Setting up Copilot in RStudio

So here's a demo of how it looks. Notice that it says Copilot completion response received. So as you're writing, it's gonna be going over and hitting the API, which is the other big difference, is that with the regular dropdown autocomplete that we're used to, that's all inside the RStudio IDE installation files, right? But with Copilot, this is something that is actually going out, right? To the Copilot API and sending the code that you have and the comments and all that, and then sending back the request, excuse me, the responses, right?

So this is something that, of course, being in pharma, that's something I'm sure that there's gonna be some things that you're gonna have to talk through within your organization to be able to use. But even in your personal life, if you're recording from home and stuff, this may be something that you can use immediately.

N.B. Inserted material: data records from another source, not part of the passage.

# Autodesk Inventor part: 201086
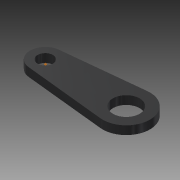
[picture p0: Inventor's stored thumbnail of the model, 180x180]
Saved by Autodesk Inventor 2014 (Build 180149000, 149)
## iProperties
Created: 2007-10
Part Number: 201086
Document SubType Name: Modeling
Designer: TH
Density: 7.85 g/cm^3
Mass: 50.414 g
Surface Area: 38.0293 cm^2
Volume: 6.42217 cm^3
Material: Steel
Description: PIVOT PLATE
Appearance: Rubber - Black - Version 1.1
Component Category: Lower Component
Author: TH
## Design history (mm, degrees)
sketch "Sketch1"
  geometry: L1 (0, 0)-(-48, 0); L2 (-48.938, 8.951)-(-1.458, 13.924); L3 (-48.938, -8.951)-(-1.458, -13.924); A1 r 14 centre (0, 0) between (-1.458, -13.924) and (-1.458, 13.924); A2 r 9 centre (-48, 0) between (-48.938, 8.951) and (-48.938, -8.951); 1 further point
  constraints: 6 end point, 4 point on circle, 4 tangent, 2 centre point, 2 coincident, 1 horizontal
  dimensions: "d0" = 18 diameter of A2; "d1" = 28 diameter of A1; "d2" = 48 distance of point (0, 0) L1.end
extrude "Extrusion1" new body sketch "Sketch1" stored distance "d3" = 5; taper "d4" = 0 deg
sketch "Sketch2"
  geometry: A1 r 14 centre (0, 0) between (-1.458, -13.924) and (-1.458, 13.924) reference
hole "Hole1" sketch "Sketch2" at (0, 0) diameter "d5" = 15.84; stored, may be unused: countersink angle "d9" = 90 deg, drill point angle "d11" = 118 deg; dims "d6" = 6, "d7" = 4, "d8" = 2, "d10" = 8
sketch "Sketch3"
  geometry: A1 r 9 centre (-48, 0) between (-48.938, 8.951) and (-48.938, -8.951) reference
hole "Hole2" sketch "Sketch3" at (-48, 0) diameter "d12" = 9; stored, may be unused: countersink angle "d16" = 90 deg, drill point angle "d18" = 118 deg; dims "d13" = 6, "d14" = 4, "d15" = 2, "d17" = 8
workpoint "Work Point1"
  workaxis "Work Axis1"
body "Solid1"

What you do today, once you upgrade your RStudio IDE, you'll see on the global settings, a new option at the bottom called Copilot, and that's where you're gonna turn it on, right? You start the process, and then it'll walk you through getting the token from GitHub, and then you'll be able to use it, right? So that's what you will have to use in order to get it to work.

Demo: using Copilot to write a game solver

So here, what Tom was wanting to show is how we can use it to create a quick game-solving code, and that you can be using very specific and simple comments can get you there. So what we want is to be able to, for it to create a few functions that would solve a game, and that's whenever there's multiple little words like this, like what is the word that is supposed to be across all these words, right?

So he takes the example here of the actual answers, but what we want is for it to actually give me the, for it to solve it for me. So you'll notice here, I start by getting the latest for today of whatever date I want to put in. He puts all these comments in order to get it right, right? So it's gonna download, excuse me, yeah, it's gonna download the proper date for that day's puzzle, and it's gonna replace it with dashes instead of forward slashes, and create the URL that I need in order to download the latest file, right?

I think I'm running out of time here. So then we can see how Tom used it here to create the actual functions that will find and replace through dredgex the underscores based on the words that are like your hint words, right? But notice that all he's doing is just adding the comments, right? And those comments serve as a prompt for Copilot to use.

And of course, we're gonna share the link to this so you can see we also have the entire document that you can recreate if you want to. And then he used it to create all of it all the way down to where you can start with just guess word and you put in the date and that will pick up the clues and come up with responses. In this case, you notice that the program that was 99.99% created by Copilot is working with no problems.

that was 99.99% created by Copilot is working with no problems.

Alternative: the chatter package

The other way that we can talk to LLMs is through chatter. It's a new package, and this one, you don't need to upgrade RStudio. You just install it from GitHub. And this will be more like you're used to today where you can actually chat with JGPT via the RStudio ID. It's a shiny app that you can copy the code that it comes back and or just transfer it directly. So thank you. I appreciate y'all's time.